# Pike fishing on Houghton Lake, Mi



## Ransom244 (Aug 7, 2007)

Has anyone gone up to Houghton Lake in Michigan and tried pike fishing, I'm going up there in july to give it a shot. My friends went up there to ice fish a couple of winters ago and caught a hand full, but the locals told them to try it in the summer, so I was just wondering if anyone has done this and what i can expect.


----------



## duckhound (Apr 10, 2004)

Hi Ransom,
I have family on the shores of Houghton, and have made it up there twice in the last three years...both times around July 4th.
The lake is very weedy in the summer, and most of it is pretty shallow (undet 10ft).

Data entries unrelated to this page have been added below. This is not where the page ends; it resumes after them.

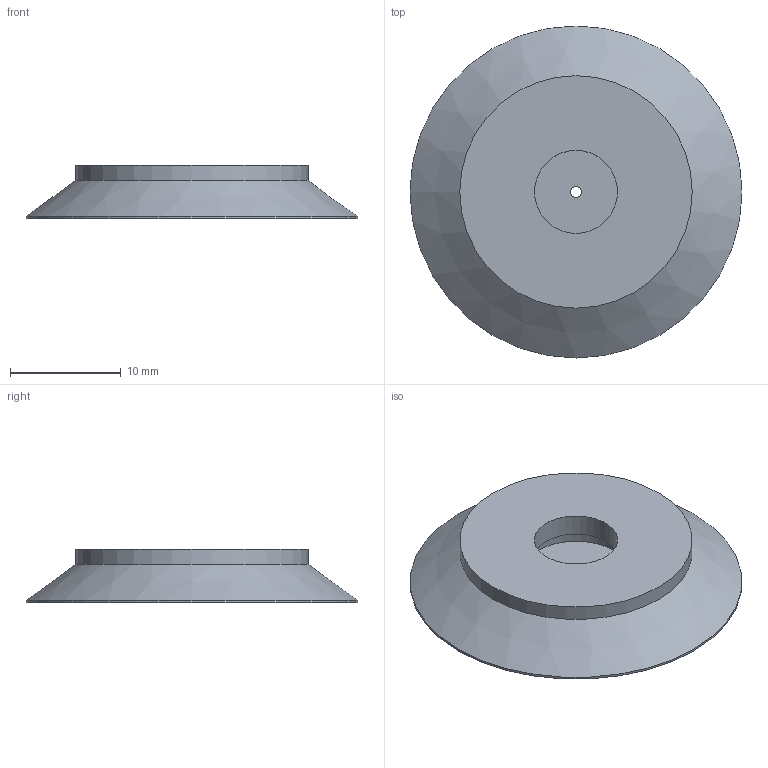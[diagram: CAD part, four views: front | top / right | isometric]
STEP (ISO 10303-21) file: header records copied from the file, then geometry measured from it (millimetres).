
FILE_DESCRIPTION( ( 'Unknown' ), '1' );
FILE_NAME( 'C:/Documents and Settings/Owner/官帕 拳搁/mark free flat pad/2016.05.02 FF LIP/FF30.stp', 'Unknown', ( 'Unknown' ), ( 'Unknown' ), 'PSStep 10.0', 'Unknown', ' ' );
FILE_SCHEMA( ( 'AUTOMOTIVE_DESIGN { 1 0 10303 214 1 1 1 1 }' ) );
Length unit declared in the file: millimetre
Products named in the file (1): 1
Bounding box: 30 x 30 x 4.8 mm (x, y, z)
Volume: 1863.8 mm3; surface area: 1933.4 mm2
Topology: 1 solids, 1 shells, 372 faces, 981 edges, 653 vertices
Faces by surface type: cylinder 186, plane 184, cone 2
Full cylindrical faces by diameter (mm): 1 x1, 7.5 x1, 9.5 x1, 21 x1, 25 x1, 30 x1
Entity records: 14560 total; most frequent: DIRECTION 2090, CARTESIAN_POINT 1997, ORIENTED_EDGE 1944, EDGE_CURVE 972, AXIS2_PLACEMENT_3D 745, VERTEX_POINT 652, LINE 600, VECTOR 600
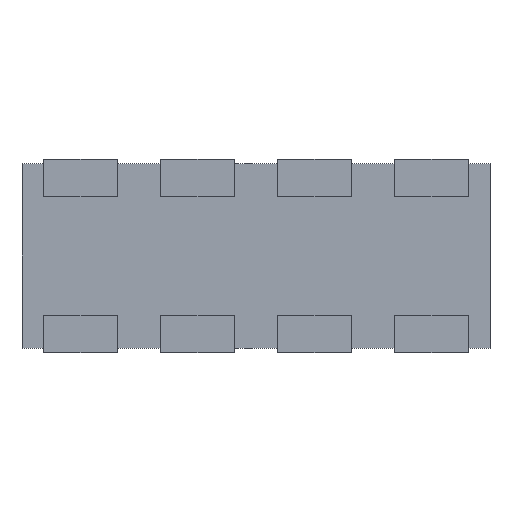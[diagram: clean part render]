
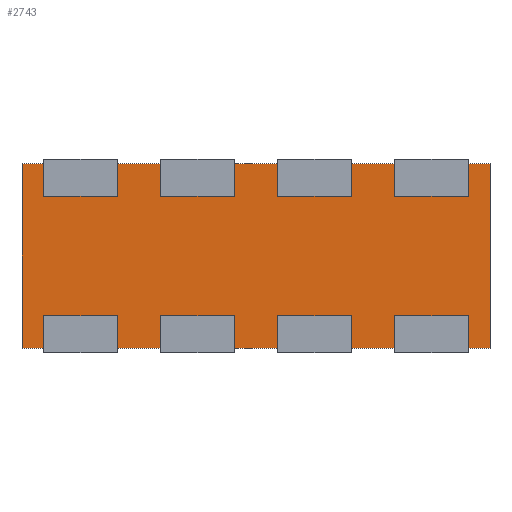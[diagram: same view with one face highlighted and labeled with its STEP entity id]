
A CAD part, front view. The second image highlights one B-rep face of the part: STEP entity #2743.
In plain terms, the highlighted planar face has unit normal (0, -1, 0).
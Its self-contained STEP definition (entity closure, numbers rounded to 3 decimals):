
#2596 = CARTESIAN_POINT ( 'NONE',  ( 2.54, 0.05, 1. ) ) ;
#2597 = VERTEX_POINT ( 'NONE', #2596 ) ;
#2598 = CARTESIAN_POINT ( 'NONE',  ( 2.54, 0.05, -1. ) ) ;
#2599 = VERTEX_POINT ( 'NONE', #2598 ) ;
#2600 = CARTESIAN_POINT ( 'NONE',  ( 2.54, 0.05, 1. ) ) ;
#2601 = DIRECTION ( 'NONE',  ( 0., 0., -1. ) ) ;
#2602 = VECTOR ( 'NONE', #2601, 1000. ) ;
#2603 = LINE ( 'NONE', #2600, #2602 ) ;
#2604 = EDGE_CURVE ( 'NONE', #2597, #2599, #2603, .T. ) ;
#2636 = CARTESIAN_POINT ( 'NONE',  ( -2.54, 0.05, -1. ) ) ;
#2637 = VERTEX_POINT ( 'NONE', #2636 ) ;
#2638 = CARTESIAN_POINT ( 'NONE',  ( -2.54, 0.05, -1. ) ) ;
#2639 = DIRECTION ( 'NONE',  ( -1., 0., 0. ) ) ;
#2640 = VECTOR ( 'NONE', #2639, 1000. ) ;
#2641 = LINE ( 'NONE', #2638, #2640 ) ;
#2642 = EDGE_CURVE ( 'NONE', #2599, #2637, #2641, .T. ) ;
#2667 = CARTESIAN_POINT ( 'NONE',  ( -2.54, 0.05, 1. ) ) ;
#2668 = VERTEX_POINT ( 'NONE', #2667 ) ;
#2669 = CARTESIAN_POINT ( 'NONE',  ( -2.54, 0.05, 1. ) ) ;
#2670 = DIRECTION ( 'NONE',  ( 0., 0., 1. ) ) ;
#2671 = VECTOR ( 'NONE', #2670, 1000. ) ;
#2672 = LINE ( 'NONE', #2669, #2671 ) ;
#2673 = EDGE_CURVE ( 'NONE', #2637, #2668, #2672, .T. ) ;
#2698 = CARTESIAN_POINT ( 'NONE',  ( -2.54, 0.05, 1. ) ) ;
#2699 = DIRECTION ( 'NONE',  ( 1., 0., 0. ) ) ;
#2700 = VECTOR ( 'NONE', #2699, 1000. ) ;
#2701 = LINE ( 'NONE', #2698, #2700 ) ;
#2702 = EDGE_CURVE ( 'NONE', #2668, #2597, #2701, .T. ) ;
#2732 = ORIENTED_EDGE ( 'NONE', *, *, #2604, .F. ) ;
#2733 = ORIENTED_EDGE ( 'NONE', *, *, #2702, .F. ) ;
#2734 = ORIENTED_EDGE ( 'NONE', *, *, #2673, .F. ) ;
#2735 = ORIENTED_EDGE ( 'NONE', *, *, #2642, .F. ) ;
#2736 = EDGE_LOOP ( 'NONE', ( #2732, #2733, #2734, #2735 ) ) ;
#2737 = FACE_OUTER_BOUND ( 'NONE', #2736, .T. ) ;
#2738 = CARTESIAN_POINT ( 'NONE',  ( 0., 0.05, 0. ) ) ;
#2739 = DIRECTION ( 'NONE',  ( 0., -1., 0. ) ) ;
#2740 = DIRECTION ( 'NONE',  ( 0., 0., -1. ) ) ;
#2741 = AXIS2_PLACEMENT_3D ( 'NONE', #2738, #2739, #2740 ) ;
#2742 = PLANE ( 'NONE', #2741 ) ;
#2743 = ADVANCED_FACE ( 'NONE', ( #2737 ), #2742, .T. ) ;
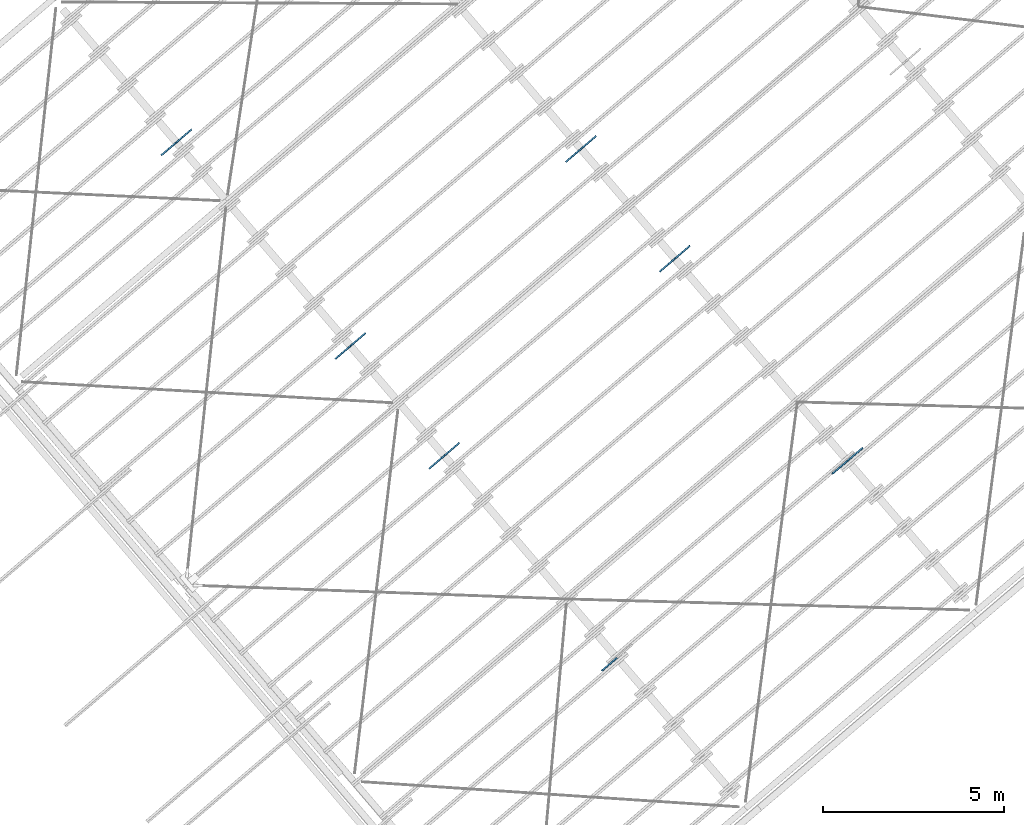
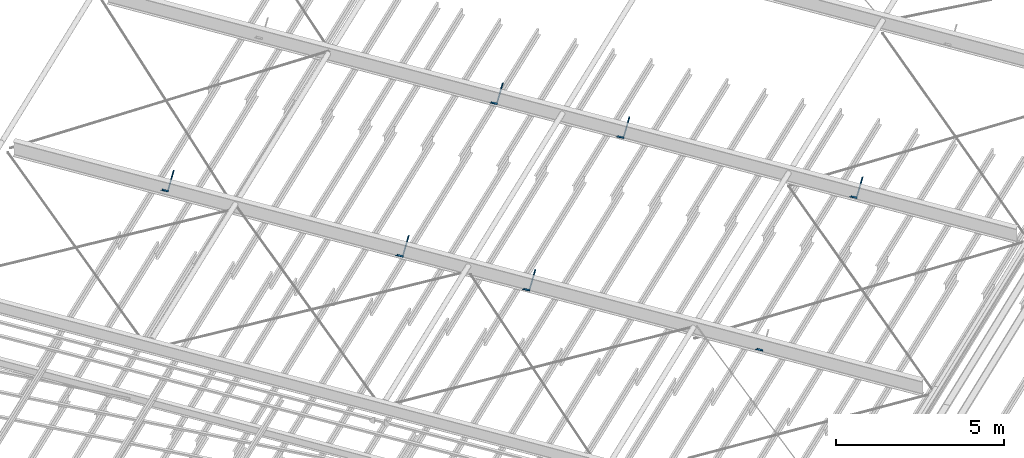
# One storey, part 22 of 25: 13 beams.
"""IFC2X3 building model written with IfcOpenShell, lengths in millimetres."""

from ifc_helpers import new_model, entity, si_unit, converted_unit, derived_unit, direction, frame, frame_2d, origin, place, context, subcontext, project, spatial, polyline, circle_curve, parameter, trimmed, segment, composite_curve, outline, extrude, clip, halfspace, type_object, element, save


model = new_model("IFC2X3")

# Units and contexts
model_context = context("Model", 3, precision=0.01, world=origin(), true_north=direction((6.123031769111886e-17, 1.0)))
body_context = subcontext(model_context, "Body", "Model", "MODEL_VIEW")
ifc_project = project(units=[si_unit("LENGTHUNIT", "METRE", prefix="MILLI"), si_unit("AREAUNIT", "SQUARE_METRE"), si_unit("VOLUMEUNIT", "CUBIC_METRE"), converted_unit("PLANEANGLEUNIT", "DEGREE", entity("IfcRatioMeasure", 0.017453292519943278), si_unit("PLANEANGLEUNIT", "RADIAN"), dimensions=[0, 0, 0, 0, 0, 0, 0]), si_unit("MASSUNIT", "GRAM", prefix="KILO"), derived_unit("MASSDENSITYUNIT", [(si_unit("MASSUNIT", "GRAM", prefix="KILO"), 1), (si_unit("LENGTHUNIT", "METRE"), -3)]), derived_unit("MOMENTOFINERTIAUNIT", [(si_unit("LENGTHUNIT", "METRE"), 4)]), si_unit("TIMEUNIT", "SECOND"), si_unit("FREQUENCYUNIT", "HERTZ"), si_unit("THERMODYNAMICTEMPERATUREUNIT", "DEGREE_CELSIUS"), derived_unit("THERMALTRANSMITTANCEUNIT", [(si_unit("MASSUNIT", "GRAM", prefix="KILO"), 1), (si_unit("THERMODYNAMICTEMPERATUREUNIT", "KELVIN"), -1), (si_unit("TIMEUNIT", "SECOND"), -3)]), derived_unit("VOLUMETRICFLOWRATEUNIT", [(si_unit("LENGTHUNIT", "METRE"), 3), (si_unit("TIMEUNIT", "SECOND"), -1)]), derived_unit("MASSFLOWRATEUNIT", [(si_unit("MASSUNIT", "GRAM", prefix="KILO"), 1), (si_unit("TIMEUNIT", "SECOND"), -1)]), derived_unit("ROTATIONALFREQUENCYUNIT", [(si_unit("TIMEUNIT", "SECOND"), -1)]), si_unit("ELECTRICCURRENTUNIT", "AMPERE"), si_unit("ELECTRICVOLTAGEUNIT", "VOLT"), si_unit("POWERUNIT", "WATT"), si_unit("FORCEUNIT", "NEWTON", prefix="KILO"), si_unit("ILLUMINANCEUNIT", "LUX"), si_unit("LUMINOUSFLUXUNIT", "LUMEN"), si_unit("LUMINOUSINTENSITYUNIT", "CANDELA"), derived_unit("USERDEFINED", [(si_unit("MASSUNIT", "GRAM", prefix="KILO"), -1), (si_unit("LENGTHUNIT", "METRE"), -2), (si_unit("TIMEUNIT", "SECOND"), 3), (si_unit("LUMINOUSFLUXUNIT", "LUMEN"), 1)]), derived_unit("SOUNDPOWERUNIT", [(si_unit("MASSUNIT", "GRAM", prefix="KILO"), 1), (si_unit("LENGTHUNIT", "METRE"), 2), (si_unit("TIMEUNIT", "SECOND"), -3)]), derived_unit("LINEARVELOCITYUNIT", [(si_unit("LENGTHUNIT", "METRE"), 1), (si_unit("TIMEUNIT", "SECOND"), -1)]), si_unit("PRESSUREUNIT", "PASCAL"), derived_unit("USERDEFINED", [(si_unit("LENGTHUNIT", "METRE"), -2), (si_unit("MASSUNIT", "GRAM", prefix="KILO"), 1), (si_unit("TIMEUNIT", "SECOND"), -2)]), derived_unit("LINEARFORCEUNIT", [(si_unit("MASSUNIT", "GRAM", prefix="KILO"), 1), (si_unit("LENGTHUNIT", "METRE"), 1), (si_unit("TIMEUNIT", "SECOND"), -2), (si_unit("LENGTHUNIT", "METRE"), -1)]), derived_unit("PLANARFORCEUNIT", [(si_unit("MASSUNIT", "GRAM", prefix="KILO"), 1), (si_unit("LENGTHUNIT", "METRE"), 1), (si_unit("TIMEUNIT", "SECOND"), -2), (si_unit("LENGTHUNIT", "METRE"), -2)])], contexts=[model_context])

# Site, building, storey
site_placement = place(None, frame((962.4174930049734, -6014.433753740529, 0.0), z_axis=(0.0, 0.0, 1.0), x_axis=(0.7601792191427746, 0.649713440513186, 0.0)))
site = spatial("IfcSite", under=ifc_project, at=site_placement, Name="Default", CompositionType="ELEMENT")
building_placement = place(site_placement, origin())
building = spatial("IfcBuilding", under=site, at=building_placement, CompositionType="ELEMENT")
storey_placement = place(building_placement, frame((0.0, 0.0, 9200.0)))
storey = spatial("IfcBuildingStorey", under=building, at=storey_placement, Name="TOP OF CEILING", CompositionType="ELEMENT", Elevation=9200.000000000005)

# Beams
beam_type = type_object("IfcBeamType", Name="ADSK_AU_EA-Equal Angles (AS 3679_1):50x50x5EA", PredefinedType="NOTDEFINED")
beam_1_placement = place(storey_placement, frame((161811.86076807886, -20517.92808212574, 2502.2460975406), z_axis=(0.6018150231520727, 0.0, 0.7986355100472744), x_axis=(0.7986355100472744, 0.0, -0.6018150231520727)))
element("IfcBeam", 1, at=beam_1_placement, inside=storey, type_object=beam_type, Name="ADSK_AU_EA-Equal Angles (AS 3679_1):50x50x5EA", ObjectType="ADSK_AU_EA-Equal Angles (AS 3679_1):50x50x5EA", context=body_context, shape_type="SweptSolid", body=[
    clip(extrude(outline(composite_curve([segment(polyline([(-31.11111111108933, -18.88888888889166), (18.888888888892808, -18.888888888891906)]), True, "CONTINUOUS"), segment(polyline([(18.88888888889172, -18.888888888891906), (18.888888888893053, 31.111111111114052)]), True, "CONTINUOUS"), segment(polyline([(18.888888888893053, 31.111111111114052), (16.888888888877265, 31.11111111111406)]), True, "CONTINUOUS"), segment(trimmed(circle_curve(frame_2d((16.88888888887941, 28.111111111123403), x_axis=(0.0, 1.0)), 2.9999999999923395), [parameter(0.0)], [parameter(90.00000000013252)], True, "PARAMETER"), True, "CONTINUOUS"), segment(polyline([(13.888888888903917, 28.11111111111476), (13.888888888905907, -7.888888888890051)]), True, "CONTINUOUS"), segment(trimmed(circle_curve(frame_2d((7.888888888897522, -7.88888888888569), x_axis=(1.0, 0.0)), 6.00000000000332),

Some of the weeds cover mass areas that you can't get a boat through. The lake has two main areas. The larger masin, and a smaller one on the north side. I didn't get to spend a whole lot of time in the main basin, and in the short time I fished it...didn't catch anything. Keep in mind this is due to not knowing the lake, and I'm sure there are good areas.
However where I did have luck with the pike was just north of the transition between the two basins. A point sticks out on the east side, and slow trolling between shore and the weed bed just north of that with shallow diving rapalas produced a pike on every run. They were not big, 2-4lbs, but they were fun. It was the same on both trips- same area - same size fish.


----------